Cooperation: To explore options for cooperation in philanthropy activities, peak councils and engaged philanthropies could convene joint meetings in Australia and China to explore prospects for cooperation at the national, state/provincial, and city levels, in addition to cooperation among donors working in similar thematic areas (health, education, social disadvantage etc.) and cooperation among donors seeking to co-operate in third-countries, among other initiatives.
Convening: To promote dialogue on issues of mutual concern, trusts and foundations in Australia and China could fund local participation in occasional semi-formal (Track II) meetings on thematic issues not directly related to philanthropy, including trade and investment, countering crime, education and culture, technology and security, developmental assistance, and rule of law, among other possible issues.
Practical and effective models of discovery, learning, cooperation and convening are readily available for emulation.
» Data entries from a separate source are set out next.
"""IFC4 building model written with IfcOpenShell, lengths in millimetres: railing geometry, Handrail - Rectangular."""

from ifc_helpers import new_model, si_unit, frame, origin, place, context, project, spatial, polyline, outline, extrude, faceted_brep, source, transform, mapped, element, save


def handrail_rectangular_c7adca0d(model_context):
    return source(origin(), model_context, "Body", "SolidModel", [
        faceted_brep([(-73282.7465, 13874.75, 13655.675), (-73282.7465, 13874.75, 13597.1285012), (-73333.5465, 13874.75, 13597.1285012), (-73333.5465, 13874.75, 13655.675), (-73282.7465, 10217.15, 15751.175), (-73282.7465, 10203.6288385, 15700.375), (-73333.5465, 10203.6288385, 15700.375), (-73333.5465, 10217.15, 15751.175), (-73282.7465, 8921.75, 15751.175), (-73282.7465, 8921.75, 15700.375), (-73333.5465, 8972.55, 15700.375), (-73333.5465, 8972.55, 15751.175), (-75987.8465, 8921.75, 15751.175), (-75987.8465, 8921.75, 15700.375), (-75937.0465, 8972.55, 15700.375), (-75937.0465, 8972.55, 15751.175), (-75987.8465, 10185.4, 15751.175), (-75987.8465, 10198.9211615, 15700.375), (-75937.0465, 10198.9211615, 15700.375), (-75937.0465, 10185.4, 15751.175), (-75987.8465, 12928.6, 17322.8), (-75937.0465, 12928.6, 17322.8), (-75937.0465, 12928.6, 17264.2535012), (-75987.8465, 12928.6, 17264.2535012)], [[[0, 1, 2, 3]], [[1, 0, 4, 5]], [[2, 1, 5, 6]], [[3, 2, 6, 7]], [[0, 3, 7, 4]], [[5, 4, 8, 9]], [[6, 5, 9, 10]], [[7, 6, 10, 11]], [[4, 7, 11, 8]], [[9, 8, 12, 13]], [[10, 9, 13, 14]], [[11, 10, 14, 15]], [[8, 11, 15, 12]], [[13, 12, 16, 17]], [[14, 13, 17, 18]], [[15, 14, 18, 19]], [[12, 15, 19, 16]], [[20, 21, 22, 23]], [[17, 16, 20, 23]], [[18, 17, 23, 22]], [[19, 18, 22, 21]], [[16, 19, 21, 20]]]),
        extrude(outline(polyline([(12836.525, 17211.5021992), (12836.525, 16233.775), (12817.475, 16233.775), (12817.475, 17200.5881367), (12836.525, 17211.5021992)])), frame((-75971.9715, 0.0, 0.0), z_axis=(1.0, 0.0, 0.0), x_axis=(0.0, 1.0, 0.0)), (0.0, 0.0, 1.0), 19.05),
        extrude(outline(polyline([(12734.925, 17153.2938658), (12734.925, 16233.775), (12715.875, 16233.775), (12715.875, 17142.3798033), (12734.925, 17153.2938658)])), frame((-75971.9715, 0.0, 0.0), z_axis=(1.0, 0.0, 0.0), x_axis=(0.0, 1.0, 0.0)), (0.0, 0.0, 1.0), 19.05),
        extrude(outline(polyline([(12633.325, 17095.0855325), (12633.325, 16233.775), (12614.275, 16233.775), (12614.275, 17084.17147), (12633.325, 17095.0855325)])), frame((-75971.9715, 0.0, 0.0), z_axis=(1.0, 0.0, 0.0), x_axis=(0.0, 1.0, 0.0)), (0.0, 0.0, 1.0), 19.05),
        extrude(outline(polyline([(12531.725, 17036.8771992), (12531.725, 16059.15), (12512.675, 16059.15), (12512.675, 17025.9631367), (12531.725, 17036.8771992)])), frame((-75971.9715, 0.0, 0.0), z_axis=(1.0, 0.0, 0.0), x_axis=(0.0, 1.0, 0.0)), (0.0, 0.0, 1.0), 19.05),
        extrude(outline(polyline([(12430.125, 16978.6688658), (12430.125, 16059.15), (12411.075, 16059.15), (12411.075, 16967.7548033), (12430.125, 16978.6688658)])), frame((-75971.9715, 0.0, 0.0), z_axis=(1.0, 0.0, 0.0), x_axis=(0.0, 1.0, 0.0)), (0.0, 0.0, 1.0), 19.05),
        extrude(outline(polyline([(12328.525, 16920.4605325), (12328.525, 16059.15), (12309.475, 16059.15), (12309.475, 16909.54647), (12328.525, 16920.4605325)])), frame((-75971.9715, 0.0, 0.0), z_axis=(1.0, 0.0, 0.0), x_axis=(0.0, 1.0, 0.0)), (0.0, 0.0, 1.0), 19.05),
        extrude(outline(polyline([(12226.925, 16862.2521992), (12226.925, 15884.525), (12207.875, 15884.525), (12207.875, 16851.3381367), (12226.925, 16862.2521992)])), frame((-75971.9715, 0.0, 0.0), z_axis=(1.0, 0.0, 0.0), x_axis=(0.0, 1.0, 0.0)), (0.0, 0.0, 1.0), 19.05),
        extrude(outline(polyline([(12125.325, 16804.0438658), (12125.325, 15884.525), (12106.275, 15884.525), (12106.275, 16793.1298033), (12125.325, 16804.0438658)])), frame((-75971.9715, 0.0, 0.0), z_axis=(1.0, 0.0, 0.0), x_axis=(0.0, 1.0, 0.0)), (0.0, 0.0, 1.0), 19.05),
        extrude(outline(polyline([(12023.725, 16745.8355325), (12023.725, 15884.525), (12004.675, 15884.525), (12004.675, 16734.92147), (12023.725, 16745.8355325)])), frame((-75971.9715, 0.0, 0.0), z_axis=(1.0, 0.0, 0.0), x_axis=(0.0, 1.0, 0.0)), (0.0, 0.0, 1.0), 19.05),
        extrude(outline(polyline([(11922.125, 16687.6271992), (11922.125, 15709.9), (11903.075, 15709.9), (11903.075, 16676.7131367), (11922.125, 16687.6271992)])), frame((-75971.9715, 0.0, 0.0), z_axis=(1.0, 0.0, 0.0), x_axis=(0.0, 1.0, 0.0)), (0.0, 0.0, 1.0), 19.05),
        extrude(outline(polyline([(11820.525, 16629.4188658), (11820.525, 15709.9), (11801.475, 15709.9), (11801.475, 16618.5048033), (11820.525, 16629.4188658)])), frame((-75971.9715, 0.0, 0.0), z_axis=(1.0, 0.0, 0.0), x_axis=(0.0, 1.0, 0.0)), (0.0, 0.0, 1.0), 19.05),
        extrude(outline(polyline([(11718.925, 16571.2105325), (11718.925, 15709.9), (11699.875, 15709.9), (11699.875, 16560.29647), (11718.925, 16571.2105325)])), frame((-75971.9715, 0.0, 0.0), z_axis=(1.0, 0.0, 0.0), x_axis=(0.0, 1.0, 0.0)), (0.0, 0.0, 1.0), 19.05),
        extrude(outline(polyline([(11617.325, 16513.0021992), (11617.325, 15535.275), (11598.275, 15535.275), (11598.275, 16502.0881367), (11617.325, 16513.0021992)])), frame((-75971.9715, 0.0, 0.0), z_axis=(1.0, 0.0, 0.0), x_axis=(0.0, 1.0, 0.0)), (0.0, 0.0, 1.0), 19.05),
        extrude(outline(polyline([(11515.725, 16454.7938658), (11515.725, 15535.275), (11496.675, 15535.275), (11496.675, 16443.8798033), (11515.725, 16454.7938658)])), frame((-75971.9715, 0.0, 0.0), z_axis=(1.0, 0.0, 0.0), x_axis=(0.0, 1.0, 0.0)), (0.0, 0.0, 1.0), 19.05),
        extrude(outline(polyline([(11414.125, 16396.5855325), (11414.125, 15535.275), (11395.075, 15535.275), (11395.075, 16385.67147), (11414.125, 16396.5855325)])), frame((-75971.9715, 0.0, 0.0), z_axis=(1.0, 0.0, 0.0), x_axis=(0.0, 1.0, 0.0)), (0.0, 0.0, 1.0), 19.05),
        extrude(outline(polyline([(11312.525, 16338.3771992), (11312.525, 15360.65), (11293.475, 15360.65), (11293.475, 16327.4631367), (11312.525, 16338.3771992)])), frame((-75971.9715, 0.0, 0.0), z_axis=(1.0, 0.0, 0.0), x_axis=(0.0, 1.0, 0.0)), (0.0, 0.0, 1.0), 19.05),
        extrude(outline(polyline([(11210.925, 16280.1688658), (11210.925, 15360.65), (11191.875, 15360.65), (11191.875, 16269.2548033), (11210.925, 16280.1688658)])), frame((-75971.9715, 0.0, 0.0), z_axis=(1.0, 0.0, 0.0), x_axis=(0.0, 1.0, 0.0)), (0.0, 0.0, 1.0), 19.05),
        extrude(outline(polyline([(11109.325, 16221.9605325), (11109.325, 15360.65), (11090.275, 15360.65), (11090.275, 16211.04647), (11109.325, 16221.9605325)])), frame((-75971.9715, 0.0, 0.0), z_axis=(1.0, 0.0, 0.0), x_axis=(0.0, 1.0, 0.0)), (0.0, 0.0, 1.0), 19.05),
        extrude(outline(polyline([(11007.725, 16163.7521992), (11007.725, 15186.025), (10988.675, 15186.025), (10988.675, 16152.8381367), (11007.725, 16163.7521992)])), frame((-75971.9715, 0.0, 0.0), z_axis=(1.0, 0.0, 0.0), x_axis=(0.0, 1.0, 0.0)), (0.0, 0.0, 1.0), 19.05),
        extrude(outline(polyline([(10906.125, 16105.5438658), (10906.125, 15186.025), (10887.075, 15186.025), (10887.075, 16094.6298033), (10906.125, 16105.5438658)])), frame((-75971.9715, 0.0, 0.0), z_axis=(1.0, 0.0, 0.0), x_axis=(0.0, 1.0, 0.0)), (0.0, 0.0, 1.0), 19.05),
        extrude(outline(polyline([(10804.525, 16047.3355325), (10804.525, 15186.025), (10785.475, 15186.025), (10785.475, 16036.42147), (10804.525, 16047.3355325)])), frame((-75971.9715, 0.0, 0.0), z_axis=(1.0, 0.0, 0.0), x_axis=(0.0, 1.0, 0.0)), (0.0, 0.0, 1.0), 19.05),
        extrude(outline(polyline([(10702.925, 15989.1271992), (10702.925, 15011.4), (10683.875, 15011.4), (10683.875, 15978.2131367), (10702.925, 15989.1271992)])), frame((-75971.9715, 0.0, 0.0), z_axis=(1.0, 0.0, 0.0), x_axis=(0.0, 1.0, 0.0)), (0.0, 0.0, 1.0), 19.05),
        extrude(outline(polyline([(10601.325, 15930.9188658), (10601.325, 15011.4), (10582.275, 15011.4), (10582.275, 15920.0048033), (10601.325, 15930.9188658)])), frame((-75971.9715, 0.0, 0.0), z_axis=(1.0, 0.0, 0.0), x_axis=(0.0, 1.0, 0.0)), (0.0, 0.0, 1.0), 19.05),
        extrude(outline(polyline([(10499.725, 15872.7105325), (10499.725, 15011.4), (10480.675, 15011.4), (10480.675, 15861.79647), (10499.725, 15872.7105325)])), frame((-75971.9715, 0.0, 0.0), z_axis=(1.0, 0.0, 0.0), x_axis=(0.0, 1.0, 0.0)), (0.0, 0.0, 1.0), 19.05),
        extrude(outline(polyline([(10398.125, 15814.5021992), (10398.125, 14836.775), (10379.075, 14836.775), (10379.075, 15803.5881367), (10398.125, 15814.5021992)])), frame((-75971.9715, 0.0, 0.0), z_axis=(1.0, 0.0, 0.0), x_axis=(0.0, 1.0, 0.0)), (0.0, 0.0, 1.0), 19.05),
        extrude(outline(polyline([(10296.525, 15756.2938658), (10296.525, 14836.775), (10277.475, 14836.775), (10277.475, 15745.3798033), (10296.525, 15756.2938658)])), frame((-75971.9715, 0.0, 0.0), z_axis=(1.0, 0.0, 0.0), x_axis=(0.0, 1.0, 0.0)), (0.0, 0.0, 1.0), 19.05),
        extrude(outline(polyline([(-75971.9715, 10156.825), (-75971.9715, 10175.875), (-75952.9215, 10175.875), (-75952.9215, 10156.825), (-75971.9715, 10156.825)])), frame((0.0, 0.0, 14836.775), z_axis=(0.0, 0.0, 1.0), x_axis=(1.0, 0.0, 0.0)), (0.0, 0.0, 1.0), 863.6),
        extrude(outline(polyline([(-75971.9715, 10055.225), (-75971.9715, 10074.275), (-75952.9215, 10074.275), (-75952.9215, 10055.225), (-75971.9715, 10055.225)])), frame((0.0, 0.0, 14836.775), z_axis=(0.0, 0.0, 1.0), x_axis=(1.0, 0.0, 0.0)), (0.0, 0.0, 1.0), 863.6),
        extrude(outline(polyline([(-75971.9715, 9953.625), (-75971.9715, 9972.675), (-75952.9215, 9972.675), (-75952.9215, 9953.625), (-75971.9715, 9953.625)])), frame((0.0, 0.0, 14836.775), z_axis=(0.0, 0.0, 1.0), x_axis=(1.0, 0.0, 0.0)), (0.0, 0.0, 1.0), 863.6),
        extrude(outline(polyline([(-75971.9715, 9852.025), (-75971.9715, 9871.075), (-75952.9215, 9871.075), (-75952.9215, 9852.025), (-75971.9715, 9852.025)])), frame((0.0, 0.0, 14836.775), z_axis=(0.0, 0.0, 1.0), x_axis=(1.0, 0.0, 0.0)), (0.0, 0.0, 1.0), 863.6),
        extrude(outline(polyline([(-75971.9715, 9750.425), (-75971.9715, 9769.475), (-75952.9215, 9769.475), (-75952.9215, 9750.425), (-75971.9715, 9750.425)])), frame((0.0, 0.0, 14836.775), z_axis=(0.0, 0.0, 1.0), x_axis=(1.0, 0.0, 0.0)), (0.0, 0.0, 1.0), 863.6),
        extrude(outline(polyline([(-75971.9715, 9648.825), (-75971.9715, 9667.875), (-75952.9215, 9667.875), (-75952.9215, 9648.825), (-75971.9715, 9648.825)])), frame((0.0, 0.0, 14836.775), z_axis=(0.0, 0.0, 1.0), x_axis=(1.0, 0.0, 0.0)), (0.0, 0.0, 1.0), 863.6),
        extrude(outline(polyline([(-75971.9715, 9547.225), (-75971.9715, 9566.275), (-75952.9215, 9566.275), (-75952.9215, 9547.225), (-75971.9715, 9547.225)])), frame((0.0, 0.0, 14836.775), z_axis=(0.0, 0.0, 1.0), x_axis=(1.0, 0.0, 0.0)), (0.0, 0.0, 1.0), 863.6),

The East-West Philanthropy Forum, based in Honolulu, has pioneered international efforts to catalyse a global leadership network assisting philanthropy to address urgent environmental and social challenges through bilateral and multilateral philanthropy cooperation.
At the bilateral level, Philanthropy Australia has taken the lead in Australia in hosting private philanthropy delegations from China, including representatives of that country’s primary data and information sharing platform, the China Foundation Center, and introducing leading philanthropy institutions and training centres in China to their Australian counterparts, resulting in further collaborations. Going beyond philanthropy, trusts and foundations could constructively support annual/biennial youth, women’s, professional and other dialogues among interested parties from both sides.
Philanthropy can help build trust between people by exploring innovative and workable solutions for common problems, at arms-length from government, while bearing and mitigating some of the risks involved. Parties that have a stake in building productive relations between Australia and China and that see a place for philanthropy in the relationship could form a steering group to explore options, give shape to proposals, and work toward implementing the following recommendations.
A path ahead for cooperation
- The sector should explore options for philanthropists and foundations to support joint efforts towards discovery and learning, cooperation, convening, and other initiatives, possibly on the model of the East West Center, but suited to Australian conditions and dedicated to the Australia-China relationship
- Engaged philanthropists should support a private not-for-profit entity dedicated to China-Australia relations, at arms-length from government, which is capable of accepting and distributing private, corporate and public funds to support activities complementing but distinct from government initiatives funded through the NFACR. The entity would complement the NFACR in three ways: by undertaking a wider range of initiatives, by supporting activities not considered eligible or appropriate for direct government funding, and by attracting additional private and corporate funds in support of activities
- Government should grant DGR status to the dedicated not-for-profit entity referred to in Recommendation 2 to enable it to facilitate the flow of private and corporate funds to support Australia-China relations, by way of a ‘specific listing’ in Division 30 of the Income Tax Assessment Act 1997 (Cth)
- Government should consider making an initial grant to cover the five-year operating costs of the entity referred to in Recommendation 2
- Parties with a stake in building productive relations between Australia and China should form a steering group to explore options and implement appropriate recommendations in support of wider and deeper philanthropic engagement.